-- Work request --
Read through the listing below, and copy every line where the string "source" appears.

* * * *

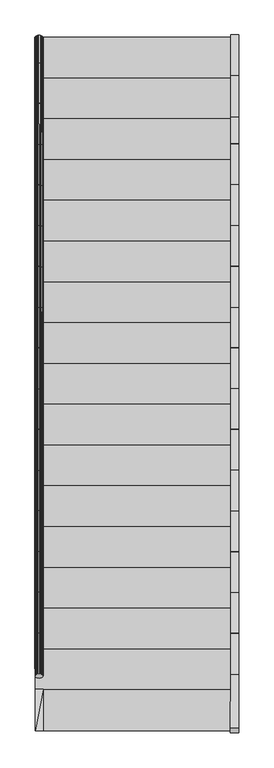
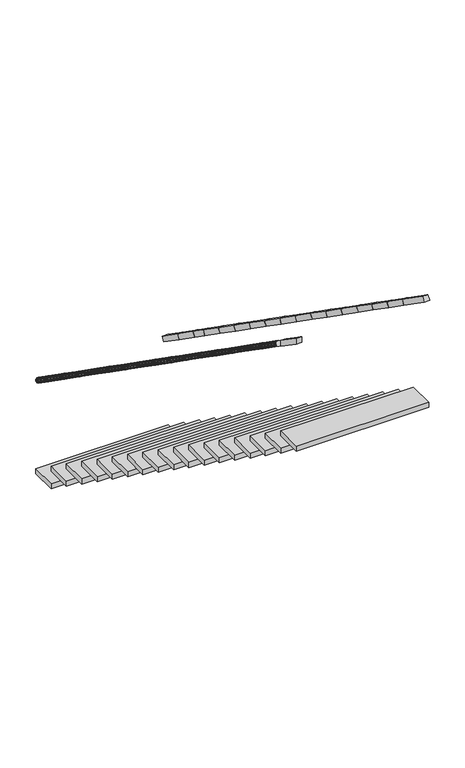
"""IFC4 building model written with IfcOpenShell, lengths in millimetres: stair geometry, 0_3d."""

from ifc_helpers import new_model, si_unit, frame, origin, origin_with_axes, place, context, project, spatial, polyline, outline, extrude, faceted_brep, source, transform, mapped, element, save


def stair_a708374c(model_context):
    return source(origin(), model_context, "Body", "SolidModel", [
        extrude(outline(polyline([(1249.4490496, 514.5019196), (1249.4123204, 264.3787636), (0.5876783, 268.1325506), (0.5509483, 518.0098269), (1249.4490496, 514.5019196)])), frame((0.0, 0.0, 2625.0), z_axis=(0.0, 0.0, 1.0), x_axis=(1.0, 0.0, 0.0)), (0.0, 0.0, 1.0), 50.0),
        extrude(outline(polyline([(8.0820225, -49.3424858), (0.0, 0.0), (301.2464918, 49.3424859), (309.3285142, 1e-07), (8.0820225, -49.3424858)])), frame((1249.9611524, 4001.8916658, 1074.5520464), z_axis=(8.41828832501973e-05, 0.5732803649279318, 0.8193592716881524), x_axis=(-0.1617591834181913, -0.8085607212194018, 0.5657415723464564)), (0.0, 0.0, 1.0), 50.0),
        faceted_brep([(1.4325369, 2844.6597545, 1907.7450176), (0.2083434, 2848.7849185, 1913.6355824), (1.4313241, 2852.9104422, 1919.5261472), (4.9817651, 2856.6324906, 1924.8401024), (10.5121244, 2859.5867237, 1929.0572812), (17.4810521, 2861.4839606, 1931.7648767), (25.2063808, 2862.1384864, 1932.6978505), (32.9319016, 2861.4862317, 1931.7648767), (39.9013867, 2859.5910437, 1929.0572812), (45.4326143, 2856.6384366, 1924.8401024), (48.9841494, 2852.9174321, 1919.5261472), (50.2083429, 2848.7922681, 1913.6355824), (48.9853622, 2844.6667444, 1907.7450176), (45.4349212, 2840.944696, 1902.4310623), (39.9045618, 2837.9904629, 1898.2138835), (32.9356342, 2836.093226, 1895.5062881), (25.2103054, 2835.4387002, 1894.5733142), (17.4847846, 2836.0909549, 1895.5062881), (10.5152995, 2837.9861429, 1898.2138835), (4.9840719, 2840.9387501, 1902.4310623), (0.245074, 2598.9029786, 2088.6355868), (1.4680547, 2603.028502, 2094.5261518), (5.0184957, 2606.7505501, 2099.8401073), (10.548855, 2609.704783, 2104.0572862), (17.5177827, 2611.6020197, 2106.7648818), (25.2431114, 2612.2565455, 2107.6978556), (32.9686322, 2611.6042908, 2106.7648818), (39.9381173, 2609.709103, 2104.0572862), (45.4693449, 2606.7564961, 2099.8401073), (49.02088, 2603.0354919, 2094.5261518), (50.2450735, 2598.9103282, 2088.6355868), (49.0220928, 2594.7848048, 2082.7450218), (45.4716518, 2591.0627567, 2077.4310663), (39.9412924, 2588.1085238, 2073.2138874), (32.9723648, 2586.2112871, 2070.5062918), (25.2470361, 2585.5567613, 2069.573318), (17.5215152, 2586.209016, 2070.5062918), (10.5520301, 2588.1042038, 2073.2138874), (5.0208025, 2591.0568107, 2077.4310663), (1.4692675, 2594.7778149, 2082.7450218)], [[[0, 1, 2, 3, 4, 5, 6, 7, 8, 9, 10, 11, 12, 13, 14, 15, 16, 17, 18, 19]], [[2, 1, 20, 21]], [[3, 2, 21, 22]], [[4, 3, 22, 23]], [[5, 4, 23, 24]], [[6, 5, 24, 25]], [[7, 6, 25, 26]], [[8, 7, 26, 27]], [[9, 8, 27, 28]], [[10, 9, 28, 29]], [[11, 10, 29, 30]], [[12, 11, 30, 31]], [[13, 12, 31, 32]], [[14, 13, 32, 33]], [[15, 14, 33, 34]], [[16, 15, 34, 35]], [[17, 16, 35, 36]], [[18, 17, 36, 37]], [[19, 18, 37, 38]], [[0, 19, 38, 39]], [[1, 0, 39, 20]], [[21, 20, 39, 38, 37, 36, 35, 34, 33, 32, 31, 30, 29, 28, 27, 26, 25, 24, 23, 22]]]),
        extrude(outline(polyline([(1249.5225078, 1014.7482313), (1249.4857787, 764.6250755), (0.5142184, 767.8870744), (0.4774885, 1017.7642932), (1249.5225078, 1014.7482313)])), frame((0.0, 0.0, 2275.0), z_axis=(0.0, 0.0, 1.0), x_axis=(1.0, 0.0, 0.0)), (0.0, 0.0, 1.0), 50.0),
        faceted_brep([(1.4692675, 2594.7778149, 2082.7450218), (0.245074, 2598.9029786, 2088.6355868), (1.4680547, 2603.028502, 2094.5261518), (5.0184957, 2606.7505501, 2099.8401073), (10.548855, 2609.704783, 2104.0572862), (17.5177827, 2611.6020197, 2106.7648818), (25.2431114, 2612.2565455, 2107.6978556), (32.9686322, 2611.6042908, 2106.7648818), (39.9381173, 2609.709103, 2104.0572862), (45.4693449, 2606.7564961, 2099.8401073), (49.02088, 2603.0354919, 2094.5261518), (50.2450735, 2598.9103282, 2088.6355868), (49.0220928, 2594.7848048, 2082.7450218), (45.4716518, 2591.0627567, 2077.4310663), (39.9412924, 2588.1085238, 2073.2138874), (32.9723648, 2586.2112871, 2070.5062918), (25.2470361, 2585.5567613, 2069.573318), (17.5215152, 2586.209016, 2070.5062918), (10.5520301, 2588.1042038, 2073.2138874), (5.0208025, 2591.0568107, 2077.4310663), (0.2818046, 2349.0210098, 2263.6355913), (1.5047853, 2353.1465328, 2269.5261565), (5.0552263, 2356.8685807, 2274.8401122), (10.5855856, 2359.8228133, 2279.0572913), (17.5545133, 2361.7200499, 2281.7648869), (25.279842, 2362.3745756, 2282.6978608), (33.0053628, 2361.722321, 2281.7648869), (39.9748479, 2359.8271333, 2279.0572913), (45.5060756, 2356.8745266, 2274.8401122), (49.0576106, 2353.1535227, 2269.5261565), (50.2818041, 2349.0283594, 2263.6355913), (49.0588234, 2344.9028363, 2257.745026), (45.5083824, 2341.1807885, 2252.4310703), (39.978023, 2338.2265558, 2248.2138912), (33.0090954, 2336.3293193, 2245.5062956), (25.2837667, 2335.6747935, 2244.5733217), (17.5582459, 2336.3270481, 2245.5062956), (10.5887608, 2338.2222359, 2248.2138912), (5.0575331, 2341.1748425, 2252.4310703), (1.5059981, 2344.8958464, 2257.745026)], [[[0, 1, 2, 3, 4, 5, 6, 7, 8, 9, 10, 11, 12, 13, 14, 15, 16, 17, 18, 19]], [[2, 1, 20, 21]], [[3, 2, 21, 22]], [[4, 3, 22, 23]], [[5, 4, 23, 24]], [[6, 5, 24, 25]], [[7, 6, 25, 26]], [[8, 7, 26, 27]], [[9, 8, 27, 28]], [[10, 9, 28, 29]], [[11, 10, 29, 30]], [[12, 11, 30, 31]], [[13, 12, 31, 32]], [[14, 13, 32, 33]], [[15, 14, 33, 34]], [[16, 15, 34, 35]], [[17, 16, 35, 36]], [[18, 17, 36, 37]], [[19, 18, 37, 38]], [[0, 19, 38, 39]], [[1, 0, 39, 20]], [[21, 20, 39, 38, 37, 36, 35, 34, 33, 32, 31, 30, 29, 28, 27, 26, 25, 24, 23, 22]]]),
        extrude(outline(polyline([(8.0820225, -49.3424858), (0.0, 0.0), (301.2464919, 49.3424859), (309.3285143, 1e-07), (8.0820225, -49.3424858)])), frame((1249.7895422, 2833.2364482, 1892.2240093), z_axis=(8.418288334449686e-05, 0.5732803647665086, 0.8193592718010952), x_axis=(-0.16175918336906983, -0.8085607213374504, 0.5657415721917858)), (0.0, 0.0, 1.0), 50.0),
        extrude(outline(polyline([(8.0820225, -49.3424859), (0.0, 0.0), (301.246492, 49.3424859), (309.3285144, 0.0), (8.0820225, -49.3424859)])), frame((1249.679357, 2082.8817614, 2417.2240094), z_axis=(8.418288319098076e-05, 0.5732803645012542, 0.8193592719866855), x_axis=(-0.16175918329309924, -0.8085607215308216, 0.5657415719371407)), (0.0, 0.0, 1.0), 50.0),
        extrude(outline(polyline([(8.0820225, -49.3424859), (0.0, 0.0), (301.2464924, 49.3424859), (309.3285148, 0.0), (8.0820225, -49.3424859)])), frame((1249.495715, 832.2906153, 3292.2240094), z_axis=(8.418288310454991e-05, 0.5732803637766174, 0.8193592724936917), x_axis=(-0.16175918308892365, -0.8085607220586004, 0.565741571241215)), (0.0, 0.0, 1.0), 50.0),
        extrude(outline(polyline([(1249.6326952, 1765.1176979), (1249.5959661, 1514.9945425), (0.4040287, 1517.5186441), (0.3672988, 1767.3957763), (1249.6326952, 1765.1176979)])), frame((0.0, 0.0, 1750.0), z_axis=(0.0, 0.0, 1.0), x_axis=(1.0, 0.0, 0.0)), (0.0, 0.0, 1.0), 50.0),
        faceted_brep([(1.3958063, 3094.5416652, 1732.7450133), (0.1716128, 3098.6668296, 1738.6355779), (1.3945935, 3102.7923536, 1744.5261425), (4.9450345, 3106.5144023, 1749.8400975), (10.4753938, 3109.4686356, 1754.0572762), (17.4443215, 3111.3658726, 1756.7648715), (25.1696502, 3112.0203985, 1757.6978453), (32.895171, 3111.3681438, 1756.7648715), (39.8646561, 3109.4729556, 1754.0572762), (45.3958837, 3106.5203482, 1749.8400975), (48.9474188, 3102.7993435, 1744.5261425), (50.1716122, 3098.6741791, 1738.6355779), (48.9486316, 3094.5486551, 1732.7450133), (45.3981906, 3090.8266064, 1727.4310583), (39.8678312, 3087.8723731, 1723.2138796), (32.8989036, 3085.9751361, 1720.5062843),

* * * *

-- Written solution --
from ifc_helpers import new_model, si_unit, frame, origin, origin_with_axes, place, context, project, spatial, polyline, outline, extrude, faceted_brep, source, transform, mapped, element, save
    return source(origin(), model_context, "Body", "SolidModel", [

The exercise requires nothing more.